Fidgeting in the classroom or grabbing toys at a birthday party might be excused as typical behaviors in a kindergartener. In excess, these behaviors might also indicate Attention Deficit Hyperactivity Disorder, a condition affecting 5 to 7 percent of all children in the United States.
While any child can have bouts of hyperactivity, an ADHD child's level dramatically exceeds the levels for his age. Parents may complain that the child "never sits still" or seems to "never stop." At the same time, sluggish children who appear to be daydreamers can also have ADHD.
Pediatricians offer a good starting point for diagnosing ADHD. They can assess the youngster or they can refer parents to appropriate specialists such as child psychiatrists or psychologists, behavioral neurologists, or developmental/behavioral pediatricians, if needed.
There is no single test that confirms the diagnosis of ADHD. Rather, the pediatrician or specialist relies on a series of standardized questions directed at both parent and teachers. They identify the predominance of three distinguishing characteristics: inattention, hyperactivity and impulsivity.
As this condition is felt to be inborn, these traits appear early in life, usually before age 7. They also tend to be pervasive, excessive and continuous — not merely a response to a temporary situation, such as the death of a parent or grandparent, a parent's job loss or a divorce. Even dysfunctional family issues, including alcoholism or abuse, can lead children to act out in ways that resemble ADHD, but are not.
In the classroom, children with ADHD may not focus or be able to focus long enough to complete assignments or follow instructions. For instance, they may tackle only one or two math problems before resorting to scribbling. On the playground they might alienate playmates because their impulsivity overrides the rules of their game.

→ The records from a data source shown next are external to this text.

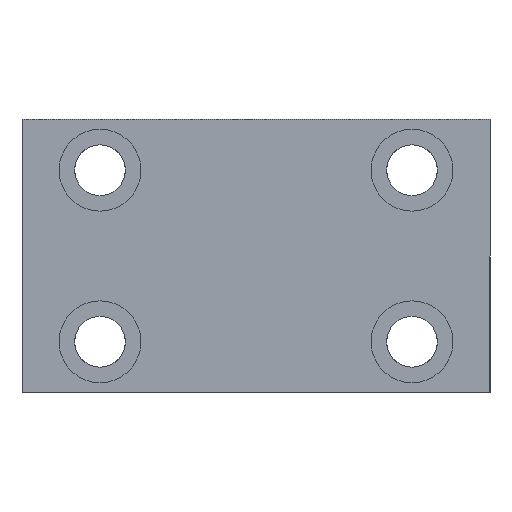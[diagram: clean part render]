
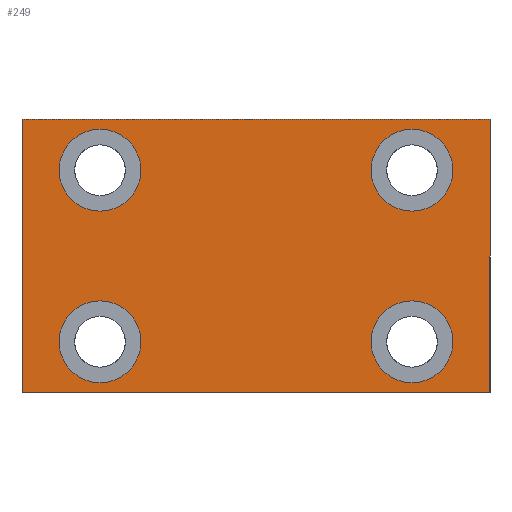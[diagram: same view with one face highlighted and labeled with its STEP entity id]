
A CAD part, front view. The second image highlights one B-rep face of the part: STEP entity #249.
In plain terms, the highlighted planar face has unit normal (0, -1, 0).
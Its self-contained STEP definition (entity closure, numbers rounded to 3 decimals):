
#4 = VERTEX_POINT ( 'NONE', #2192 ) ;
#71 = CARTESIAN_POINT ( 'NONE',  ( 0., 0., 0. ) ) ;
#80 = EDGE_CURVE ( 'NONE', #3009, #1464, #1374, .T. ) ;
#84 = PLANE ( 'NONE',  #2084 ) ;
#98 = DIRECTION ( 'NONE',  ( 0., 1., 0. ) ) ;
#104 = DIRECTION ( 'NONE',  ( 0., 0., 1. ) ) ;
#117 = AXIS2_PLACEMENT_3D ( 'NONE', #415, #180, #343 ) ;
#166 = ORIENTED_EDGE ( 'NONE', *, *, #1489, .F. ) ;
#180 = DIRECTION ( 'NONE',  ( 0., -1., 0. ) ) ;
#228 = AXIS2_PLACEMENT_3D ( 'NONE', #1771, #3333, #1488 ) ;
#249 = ADVANCED_FACE ( 'NONE', ( #256, #3017, #1718, #1632, #880 ), #84, .F. ) ;
#256 = FACE_BOUND ( 'NONE', #3218, .T. ) ;
#261 = CARTESIAN_POINT ( 'NONE',  ( -20., 0., -16.25 ) ) ;
#307 = CIRCLE ( 'NONE', #2537, 5.25 ) ;
#317 = CARTESIAN_POINT ( 'NONE',  ( 20., 0., 16.25 ) ) ;
#343 = DIRECTION ( 'NONE',  ( 0., 0., -1. ) ) ;
#378 = LINE ( 'NONE', #2876, #3139 ) ;
#412 = DIRECTION ( 'NONE',  ( 0., -1., 0. ) ) ;
#415 = CARTESIAN_POINT ( 'NONE',  ( -20., 0., 11. ) ) ;
#445 = ORIENTED_EDGE ( 'NONE', *, *, #961, .F. ) ;
#481 = DIRECTION ( 'NONE',  ( -1., 0., 0. ) ) ;
#633 = VECTOR ( 'NONE', #2417, 1000. ) ;
#754 = AXIS2_PLACEMENT_3D ( 'NONE', #1120, #412, #2717 ) ;
#824 = LINE ( 'NONE', #2494, #2106 ) ;
#858 = DIRECTION ( 'NONE',  ( 0., -1., 0. ) ) ;
#880 = FACE_OUTER_BOUND ( 'NONE', #899, .T. ) ;
#898 = CIRCLE ( 'NONE', #754, 5.25 ) ;
#899 = EDGE_LOOP ( 'NONE', ( #445, #1191, #1759, #1595 ) ) ;
#918 = DIRECTION ( 'NONE',  ( 0., -1., 0. ) ) ;
#927 = DIRECTION ( 'NONE',  ( 0., -1., 0. ) ) ;
#928 = ORIENTED_EDGE ( 'NONE', *, *, #2534, .F. ) ;
#959 = VECTOR ( 'NONE', #481, 1000. ) ;
#961 = EDGE_CURVE ( 'NONE', #2771, #1119, #378, .T. ) ;
#987 = ORIENTED_EDGE ( 'NONE', *, *, #3011, .F. ) ;
#994 = CIRCLE ( 'NONE', #117, 5.25 ) ;
#999 = CIRCLE ( 'NONE', #3006, 5.25 ) ;
#1057 = ORIENTED_EDGE ( 'NONE', *, *, #2580, .F. ) ;
#1095 = CARTESIAN_POINT ( 'NONE',  ( -30., 0., -17.5 ) ) ;
#1119 = VERTEX_POINT ( 'NONE', #1401 ) ;
#1120 = CARTESIAN_POINT ( 'NONE',  ( 20., 0., -11. ) ) ;
#1128 = CIRCLE ( 'NONE', #2432, 5.25 ) ;
#1191 = ORIENTED_EDGE ( 'NONE', *, *, #1566, .F. ) ;
#1295 = CARTESIAN_POINT ( 'NONE',  ( 20., 0., -11. ) ) ;
#1307 = DIRECTION ( 'NONE',  ( 0., 0., -1. ) ) ;
#1374 = LINE ( 'NONE', #1095, #633 ) ;
#1380 = VERTEX_POINT ( 'NONE', #2108 ) ;
#1401 = CARTESIAN_POINT ( 'NONE',  ( 30., 0., -17.5 ) ) ;
#1403 = EDGE_CURVE ( 'NONE', #1422, #1652, #2746, .T. ) ;
#1422 = VERTEX_POINT ( 'NONE', #2197 ) ;
#1464 = VERTEX_POINT ( 'NONE', #2267 ) ;
#1488 = DIRECTION ( 'NONE',  ( 0., 0., -1. ) ) ;
#1489 = EDGE_CURVE ( 'NONE', #1380, #2506, #999, .T. ) ;
#1514 = CARTESIAN_POINT ( 'NONE',  ( -30., 0., -17.5 ) ) ;
#1566 = EDGE_CURVE ( 'NONE', #1464, #2771, #824, .T. ) ;
#1595 = ORIENTED_EDGE ( 'NONE', *, *, #3233, .F. ) ;
#1632 = FACE_BOUND ( 'NONE', #3277, .T. ) ;
#1652 = VERTEX_POINT ( 'NONE', #2983 ) ;
#1703 = CIRCLE ( 'NONE', #228, 5.25 ) ;
#1718 = FACE_BOUND ( 'NONE', #3106, .T. ) ;
#1736 = VERTEX_POINT ( 'NONE', #2309 ) ;
#1759 = ORIENTED_EDGE ( 'NONE', *, *, #80, .F. ) ;
#1765 = DIRECTION ( 'NONE',  ( 0., 0., -1. ) ) ;
#1766 = CIRCLE ( 'NONE', #2598, 5.25 ) ;
#1771 = CARTESIAN_POINT ( 'NONE',  ( -20., 0., -11. ) ) ;
#1790 = ORIENTED_EDGE ( 'NONE', *, *, #1947, .F. ) ;
#1947 = EDGE_CURVE ( 'NONE', #1652, #1422, #994, .T. ) ;
#2000 = CARTESIAN_POINT ( 'NONE',  ( 20., 0., 11. ) ) ;
#2019 = EDGE_LOOP ( 'NONE', ( #2172, #1057 ) ) ;
#2084 = AXIS2_PLACEMENT_3D ( 'NONE', #71, #98, #104 ) ;
#2090 = CARTESIAN_POINT ( 'NONE',  ( -30., 0., -17.5 ) ) ;
#2106 = VECTOR ( 'NONE', #2510, 1000. ) ;
#2108 = CARTESIAN_POINT ( 'NONE',  ( -20., 0., -5.75 ) ) ;
#2172 = ORIENTED_EDGE ( 'NONE', *, *, #2878, .F. ) ;
#2192 = CARTESIAN_POINT ( 'NONE',  ( 20., 0., -5.75 ) ) ;
#2196 = ORIENTED_EDGE ( 'NONE', *, *, #1403, .F. ) ;
#2197 = CARTESIAN_POINT ( 'NONE',  ( -20., 0., 16.25 ) ) ;
#2199 = CARTESIAN_POINT ( 'NONE',  ( -20., 0., 11. ) ) ;
#2212 = DIRECTION ( 'NONE',  ( 0., -1., 0. ) ) ;
#2214 = DIRECTION ( 'NONE',  ( 0., 0., -1. ) ) ;
#2267 = CARTESIAN_POINT ( 'NONE',  ( -30., 0., 17.5 ) ) ;
#2301 = LINE ( 'NONE', #2090, #959 ) ;
#2309 = CARTESIAN_POINT ( 'NONE',  ( 20., 0., 5.75 ) ) ;
#2316 = CARTESIAN_POINT ( 'NONE',  ( -20., 0., -11. ) ) ;
#2319 = ORIENTED_EDGE ( 'NONE', *, *, #2594, .F. ) ;
#2327 = DIRECTION ( 'NONE',  ( 0., -1., 0. ) ) ;
#2343 = DIRECTION ( 'NONE',  ( 0., 0., -1. ) ) ;
#2417 = DIRECTION ( 'NONE',  ( 0., 0., 1. ) ) ;
#2432 = AXIS2_PLACEMENT_3D ( 'NONE', #2000, #918, #3044 ) ;
#2494 = CARTESIAN_POINT ( 'NONE',  ( -30., 0., 17.5 ) ) ;
#2506 = VERTEX_POINT ( 'NONE', #261 ) ;
#2510 = DIRECTION ( 'NONE',  ( 1., 0., 0. ) ) ;
#2534 = EDGE_CURVE ( 'NONE', #2563, #1736, #1766, .T. ) ;
#2537 = AXIS2_PLACEMENT_3D ( 'NONE', #1295, #858, #2796 ) ;
#2563 = VERTEX_POINT ( 'NONE', #317 ) ;
#2580 = EDGE_CURVE ( 'NONE', #4, #3247, #307, .T. ) ;
#2594 = EDGE_CURVE ( 'NONE', #1736, #2563, #1128, .T. ) ;
#2598 = AXIS2_PLACEMENT_3D ( 'NONE', #3137, #927, #1765 ) ;
#2717 = DIRECTION ( 'NONE',  ( 0., 0., -1. ) ) ;
#2746 = CIRCLE ( 'NONE', #3239, 5.25 ) ;
#2753 = CARTESIAN_POINT ( 'NONE',  ( 30., 0., 17.5 ) ) ;
#2771 = VERTEX_POINT ( 'NONE', #2753 ) ;
#2796 = DIRECTION ( 'NONE',  ( 0., 0., -1. ) ) ;
#2876 = CARTESIAN_POINT ( 'NONE',  ( 30., 0., -17.5 ) ) ;
#2878 = EDGE_CURVE ( 'NONE', #3247, #4, #898, .T. ) ;
#2983 = CARTESIAN_POINT ( 'NONE',  ( -20., 0., 5.75 ) ) ;
#3006 = AXIS2_PLACEMENT_3D ( 'NONE', #2316, #2327, #2343 ) ;
#3009 = VERTEX_POINT ( 'NONE', #1514 ) ;
#3011 = EDGE_CURVE ( 'NONE', #2506, #1380, #1703, .T. ) ;
#3017 = FACE_BOUND ( 'NONE', #2019, .T. ) ;
#3044 = DIRECTION ( 'NONE',  ( 0., 0., -1. ) ) ;
#3106 = EDGE_LOOP ( 'NONE', ( #2319, #928 ) ) ;
#3137 = CARTESIAN_POINT ( 'NONE',  ( 20., 0., 11. ) ) ;
#3139 = VECTOR ( 'NONE', #1307, 1000. ) ;
#3218 = EDGE_LOOP ( 'NONE', ( #987, #166 ) ) ;
#3233 = EDGE_CURVE ( 'NONE', #1119, #3009, #2301, .T. ) ;
#3239 = AXIS2_PLACEMENT_3D ( 'NONE', #2199, #2212, #2214 ) ;
#3247 = VERTEX_POINT ( 'NONE', #3389 ) ;
#3277 = EDGE_LOOP ( 'NONE', ( #1790, #2196 ) ) ;
#3333 = DIRECTION ( 'NONE',  ( 0., -1., 0. ) ) ;
#3389 = CARTESIAN_POINT ( 'NONE',  ( 20., 0., -16.25 ) ) ;

As a result, these children suffer academically and in self-esteem, and the consequences can be long-lasting.
Rarely, undetected medical problems such as a hyperthyroid, lead toxicity or small (petit mal) seizures might be causing similar symptoms of ADHD. Vision or hearing impairment also need to be excluded. And anxiety, depression or bipolar disorder might present themselves as inattentiveness, detachment or impulsive moodiness.
More commonly, doctors and other specialists must distinguish between ADHD, which is a neuro-biologic disorder, and learning disabilities, which are mental processes that interfere with standard educational development, particularly written language and math processes. A classic learning disability like dyslexia, for example, may result in a child being inattentive, though, again, they do not have ADHD.
The good news for children with ADHD is that once an accurate diagnosis pinpoints their condition, with educational accommodation and parental support they can reach the same developmental milestones as other youngsters.
Stimulants (Ritalin or Adderall) and non-stimulants (Strattera) can help alleviate symptoms of ADHD, but medications should be considered as only one tactic in a comprehensive treatment strategy.
In fact, in all studies assessing treatment for ADHD, researchers have found that the best approaches combine education, cognitive therapies (counseling), behavior modification and medication.
School curricula can be adjusted to meet the needs of an individual child with ADHD (as outlined in the Americans with Disabilities Act), but steady communication between the child's parents and teachers is actually the most crucial element in that student's academic achievement.
When families work closely with teachers, pediatricians, counselors — and each other — they make it possible for children with ADHD to be successful in school and in their lives.